++++ DATA

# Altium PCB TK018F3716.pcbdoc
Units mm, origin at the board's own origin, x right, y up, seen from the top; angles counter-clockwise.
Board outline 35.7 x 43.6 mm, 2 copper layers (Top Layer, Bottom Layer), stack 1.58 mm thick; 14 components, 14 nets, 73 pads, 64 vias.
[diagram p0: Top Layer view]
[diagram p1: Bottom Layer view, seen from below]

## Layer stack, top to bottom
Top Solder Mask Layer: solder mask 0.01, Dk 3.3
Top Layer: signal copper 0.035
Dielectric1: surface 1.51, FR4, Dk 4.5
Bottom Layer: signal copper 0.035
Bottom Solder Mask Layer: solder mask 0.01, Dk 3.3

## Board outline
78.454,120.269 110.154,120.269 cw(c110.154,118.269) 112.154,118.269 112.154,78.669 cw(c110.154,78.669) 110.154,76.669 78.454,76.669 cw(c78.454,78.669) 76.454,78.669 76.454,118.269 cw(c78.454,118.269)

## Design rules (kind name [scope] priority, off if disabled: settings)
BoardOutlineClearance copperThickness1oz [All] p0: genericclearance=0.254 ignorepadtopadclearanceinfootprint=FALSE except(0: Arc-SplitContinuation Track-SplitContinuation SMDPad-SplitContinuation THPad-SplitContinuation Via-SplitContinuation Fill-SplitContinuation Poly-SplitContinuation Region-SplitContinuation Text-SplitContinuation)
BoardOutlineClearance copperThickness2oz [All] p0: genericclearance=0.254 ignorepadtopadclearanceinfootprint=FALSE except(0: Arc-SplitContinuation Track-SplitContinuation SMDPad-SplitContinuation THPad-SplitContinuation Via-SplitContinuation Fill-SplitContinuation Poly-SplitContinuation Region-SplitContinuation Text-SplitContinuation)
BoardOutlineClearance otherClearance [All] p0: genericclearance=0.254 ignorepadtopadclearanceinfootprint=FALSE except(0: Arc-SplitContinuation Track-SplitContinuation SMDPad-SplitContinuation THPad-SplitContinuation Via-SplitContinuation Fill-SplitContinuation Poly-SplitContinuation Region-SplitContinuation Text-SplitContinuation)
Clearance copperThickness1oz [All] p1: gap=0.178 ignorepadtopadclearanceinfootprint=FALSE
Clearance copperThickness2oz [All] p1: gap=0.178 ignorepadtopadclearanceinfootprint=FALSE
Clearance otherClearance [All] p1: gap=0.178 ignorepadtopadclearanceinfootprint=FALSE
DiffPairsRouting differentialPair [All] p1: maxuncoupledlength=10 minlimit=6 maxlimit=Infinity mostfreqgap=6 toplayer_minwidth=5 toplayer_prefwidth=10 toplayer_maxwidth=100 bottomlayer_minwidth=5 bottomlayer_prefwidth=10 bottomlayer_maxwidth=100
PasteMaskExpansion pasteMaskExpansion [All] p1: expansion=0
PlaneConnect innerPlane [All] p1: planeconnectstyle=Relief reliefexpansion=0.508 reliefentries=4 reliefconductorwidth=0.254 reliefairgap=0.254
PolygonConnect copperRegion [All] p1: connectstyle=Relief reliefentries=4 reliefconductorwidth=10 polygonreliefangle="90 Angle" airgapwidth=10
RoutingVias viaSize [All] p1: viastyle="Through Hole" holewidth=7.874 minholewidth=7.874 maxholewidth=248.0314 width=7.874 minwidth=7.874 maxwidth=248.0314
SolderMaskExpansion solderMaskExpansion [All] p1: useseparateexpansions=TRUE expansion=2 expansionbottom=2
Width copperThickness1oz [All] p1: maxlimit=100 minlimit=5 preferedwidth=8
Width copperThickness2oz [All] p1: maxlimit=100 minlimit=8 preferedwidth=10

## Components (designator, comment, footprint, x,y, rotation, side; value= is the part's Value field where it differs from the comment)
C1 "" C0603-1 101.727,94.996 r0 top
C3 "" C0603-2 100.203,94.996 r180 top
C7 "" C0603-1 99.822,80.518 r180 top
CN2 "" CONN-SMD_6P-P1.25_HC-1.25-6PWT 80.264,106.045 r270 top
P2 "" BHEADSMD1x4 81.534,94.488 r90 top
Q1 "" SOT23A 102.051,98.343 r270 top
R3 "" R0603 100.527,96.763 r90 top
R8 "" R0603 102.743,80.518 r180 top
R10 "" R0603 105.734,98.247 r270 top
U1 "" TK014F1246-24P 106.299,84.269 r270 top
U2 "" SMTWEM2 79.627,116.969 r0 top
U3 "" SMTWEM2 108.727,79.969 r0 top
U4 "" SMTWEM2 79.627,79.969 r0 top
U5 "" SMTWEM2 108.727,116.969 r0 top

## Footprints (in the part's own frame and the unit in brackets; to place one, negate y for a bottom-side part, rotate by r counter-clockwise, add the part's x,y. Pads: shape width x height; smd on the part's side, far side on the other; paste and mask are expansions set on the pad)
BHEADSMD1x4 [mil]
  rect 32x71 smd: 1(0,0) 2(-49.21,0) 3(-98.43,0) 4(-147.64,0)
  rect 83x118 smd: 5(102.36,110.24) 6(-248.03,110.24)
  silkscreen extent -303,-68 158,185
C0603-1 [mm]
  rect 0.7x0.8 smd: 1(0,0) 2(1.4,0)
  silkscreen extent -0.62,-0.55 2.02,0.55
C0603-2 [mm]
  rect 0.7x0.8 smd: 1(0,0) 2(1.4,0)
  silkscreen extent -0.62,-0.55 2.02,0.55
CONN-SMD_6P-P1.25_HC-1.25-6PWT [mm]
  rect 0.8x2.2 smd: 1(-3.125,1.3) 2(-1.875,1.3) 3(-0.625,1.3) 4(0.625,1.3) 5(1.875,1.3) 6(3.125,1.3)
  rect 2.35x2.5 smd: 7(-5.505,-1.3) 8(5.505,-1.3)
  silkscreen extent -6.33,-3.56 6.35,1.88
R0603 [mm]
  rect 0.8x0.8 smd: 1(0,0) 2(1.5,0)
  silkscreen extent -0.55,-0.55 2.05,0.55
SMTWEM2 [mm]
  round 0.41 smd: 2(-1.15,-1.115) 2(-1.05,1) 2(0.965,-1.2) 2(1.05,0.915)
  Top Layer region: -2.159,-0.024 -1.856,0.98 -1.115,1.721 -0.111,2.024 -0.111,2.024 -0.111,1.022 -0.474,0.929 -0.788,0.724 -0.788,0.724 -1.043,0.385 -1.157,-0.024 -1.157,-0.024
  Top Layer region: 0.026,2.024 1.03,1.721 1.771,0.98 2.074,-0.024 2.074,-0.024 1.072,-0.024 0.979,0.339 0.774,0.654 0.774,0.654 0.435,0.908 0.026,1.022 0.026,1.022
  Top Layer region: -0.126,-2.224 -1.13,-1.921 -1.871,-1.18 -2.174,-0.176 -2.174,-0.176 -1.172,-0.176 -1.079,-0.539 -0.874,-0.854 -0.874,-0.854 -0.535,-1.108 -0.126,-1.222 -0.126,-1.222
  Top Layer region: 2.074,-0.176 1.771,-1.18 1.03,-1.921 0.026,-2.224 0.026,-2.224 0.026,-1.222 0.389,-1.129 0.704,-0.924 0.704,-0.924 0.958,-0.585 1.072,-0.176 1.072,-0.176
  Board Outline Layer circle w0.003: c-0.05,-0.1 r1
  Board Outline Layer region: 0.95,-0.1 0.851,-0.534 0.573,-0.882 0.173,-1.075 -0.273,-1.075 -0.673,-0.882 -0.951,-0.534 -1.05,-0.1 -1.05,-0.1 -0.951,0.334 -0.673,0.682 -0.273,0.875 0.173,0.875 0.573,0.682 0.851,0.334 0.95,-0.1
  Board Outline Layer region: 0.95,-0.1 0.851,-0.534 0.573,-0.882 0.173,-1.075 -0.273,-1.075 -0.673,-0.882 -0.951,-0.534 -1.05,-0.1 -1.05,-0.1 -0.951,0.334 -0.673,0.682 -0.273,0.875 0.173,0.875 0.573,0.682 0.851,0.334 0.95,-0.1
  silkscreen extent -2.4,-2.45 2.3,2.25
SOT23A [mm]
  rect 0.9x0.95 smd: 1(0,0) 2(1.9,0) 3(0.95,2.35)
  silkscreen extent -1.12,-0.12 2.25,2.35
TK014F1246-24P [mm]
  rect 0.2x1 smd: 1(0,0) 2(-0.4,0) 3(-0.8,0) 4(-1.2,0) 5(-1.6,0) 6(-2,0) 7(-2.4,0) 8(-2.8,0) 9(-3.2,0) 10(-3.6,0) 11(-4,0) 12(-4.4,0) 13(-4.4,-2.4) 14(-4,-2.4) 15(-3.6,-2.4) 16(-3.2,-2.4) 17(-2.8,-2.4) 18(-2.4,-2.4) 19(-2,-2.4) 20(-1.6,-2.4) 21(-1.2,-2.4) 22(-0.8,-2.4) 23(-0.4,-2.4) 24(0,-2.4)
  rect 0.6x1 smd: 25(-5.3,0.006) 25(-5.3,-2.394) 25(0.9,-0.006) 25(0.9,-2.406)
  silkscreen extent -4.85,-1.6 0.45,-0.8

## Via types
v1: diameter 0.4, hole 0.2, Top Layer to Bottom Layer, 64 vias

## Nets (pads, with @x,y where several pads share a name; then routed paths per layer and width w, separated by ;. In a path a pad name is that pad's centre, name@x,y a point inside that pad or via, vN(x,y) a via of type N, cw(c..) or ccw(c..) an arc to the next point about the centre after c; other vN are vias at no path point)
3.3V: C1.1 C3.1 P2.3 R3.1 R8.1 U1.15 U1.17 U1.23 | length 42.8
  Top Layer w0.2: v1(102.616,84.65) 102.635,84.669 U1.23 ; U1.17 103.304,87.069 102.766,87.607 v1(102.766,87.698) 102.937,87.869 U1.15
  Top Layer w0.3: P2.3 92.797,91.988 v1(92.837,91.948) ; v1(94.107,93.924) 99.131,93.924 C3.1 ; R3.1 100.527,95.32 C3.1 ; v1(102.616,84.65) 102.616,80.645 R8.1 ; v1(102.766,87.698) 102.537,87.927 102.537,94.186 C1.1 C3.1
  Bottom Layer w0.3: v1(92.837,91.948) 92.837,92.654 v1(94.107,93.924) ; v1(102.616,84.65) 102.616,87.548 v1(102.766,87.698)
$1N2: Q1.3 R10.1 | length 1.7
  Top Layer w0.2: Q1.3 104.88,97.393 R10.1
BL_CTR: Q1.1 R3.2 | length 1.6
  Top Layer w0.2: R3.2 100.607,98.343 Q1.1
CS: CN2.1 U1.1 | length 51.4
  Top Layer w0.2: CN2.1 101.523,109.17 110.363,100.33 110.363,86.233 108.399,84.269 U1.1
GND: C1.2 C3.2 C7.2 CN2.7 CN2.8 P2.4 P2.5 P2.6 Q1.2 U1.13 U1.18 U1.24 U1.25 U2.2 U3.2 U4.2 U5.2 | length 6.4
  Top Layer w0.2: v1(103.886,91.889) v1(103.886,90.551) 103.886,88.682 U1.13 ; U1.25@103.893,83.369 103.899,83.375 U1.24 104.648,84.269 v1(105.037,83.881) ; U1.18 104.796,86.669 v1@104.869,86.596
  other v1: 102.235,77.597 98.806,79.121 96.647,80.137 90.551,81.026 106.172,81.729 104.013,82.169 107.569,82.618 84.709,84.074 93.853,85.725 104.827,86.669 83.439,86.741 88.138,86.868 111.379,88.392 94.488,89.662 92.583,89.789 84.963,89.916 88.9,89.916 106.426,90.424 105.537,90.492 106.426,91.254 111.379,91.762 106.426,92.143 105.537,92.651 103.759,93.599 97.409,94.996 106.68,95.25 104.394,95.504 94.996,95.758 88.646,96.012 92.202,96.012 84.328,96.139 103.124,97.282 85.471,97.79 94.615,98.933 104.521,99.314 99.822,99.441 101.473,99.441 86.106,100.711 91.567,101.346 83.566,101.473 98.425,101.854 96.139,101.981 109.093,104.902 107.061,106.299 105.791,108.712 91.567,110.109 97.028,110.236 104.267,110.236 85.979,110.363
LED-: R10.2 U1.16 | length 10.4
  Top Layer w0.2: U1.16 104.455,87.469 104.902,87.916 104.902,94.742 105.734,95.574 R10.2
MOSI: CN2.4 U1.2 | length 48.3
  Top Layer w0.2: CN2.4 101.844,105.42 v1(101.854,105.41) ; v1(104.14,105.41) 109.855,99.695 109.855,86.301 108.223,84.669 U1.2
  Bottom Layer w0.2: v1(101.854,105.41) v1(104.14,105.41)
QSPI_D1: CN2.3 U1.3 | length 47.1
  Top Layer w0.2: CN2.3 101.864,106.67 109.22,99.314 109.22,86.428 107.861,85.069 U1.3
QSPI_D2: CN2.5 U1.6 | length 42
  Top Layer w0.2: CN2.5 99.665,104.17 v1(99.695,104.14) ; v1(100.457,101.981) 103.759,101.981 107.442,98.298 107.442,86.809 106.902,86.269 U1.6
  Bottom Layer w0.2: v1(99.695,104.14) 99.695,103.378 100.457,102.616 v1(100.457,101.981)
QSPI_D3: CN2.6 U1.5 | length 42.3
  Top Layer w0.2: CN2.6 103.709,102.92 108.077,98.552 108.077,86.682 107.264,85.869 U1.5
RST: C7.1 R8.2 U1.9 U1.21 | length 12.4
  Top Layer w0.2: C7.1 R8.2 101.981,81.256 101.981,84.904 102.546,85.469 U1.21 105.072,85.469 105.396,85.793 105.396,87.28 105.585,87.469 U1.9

++++++++

WORK INSTRUCTIONS: Show a copy of each line from the records above in which the string "clockwise" occurs.

RESULT OF THE EXERCISE:
Units mm, origin at the board's own origin, x right, y up, seen from the top; angles counter-clockwise.
## Footprints (in the part's own frame and the unit in brackets; to place one, negate y for a bottom-side part, rotate by r counter-clockwise, add the part's x,y. Pads: shape width x height; smd on the part's side, far side on the other; paste and mask are expansions set on the pad)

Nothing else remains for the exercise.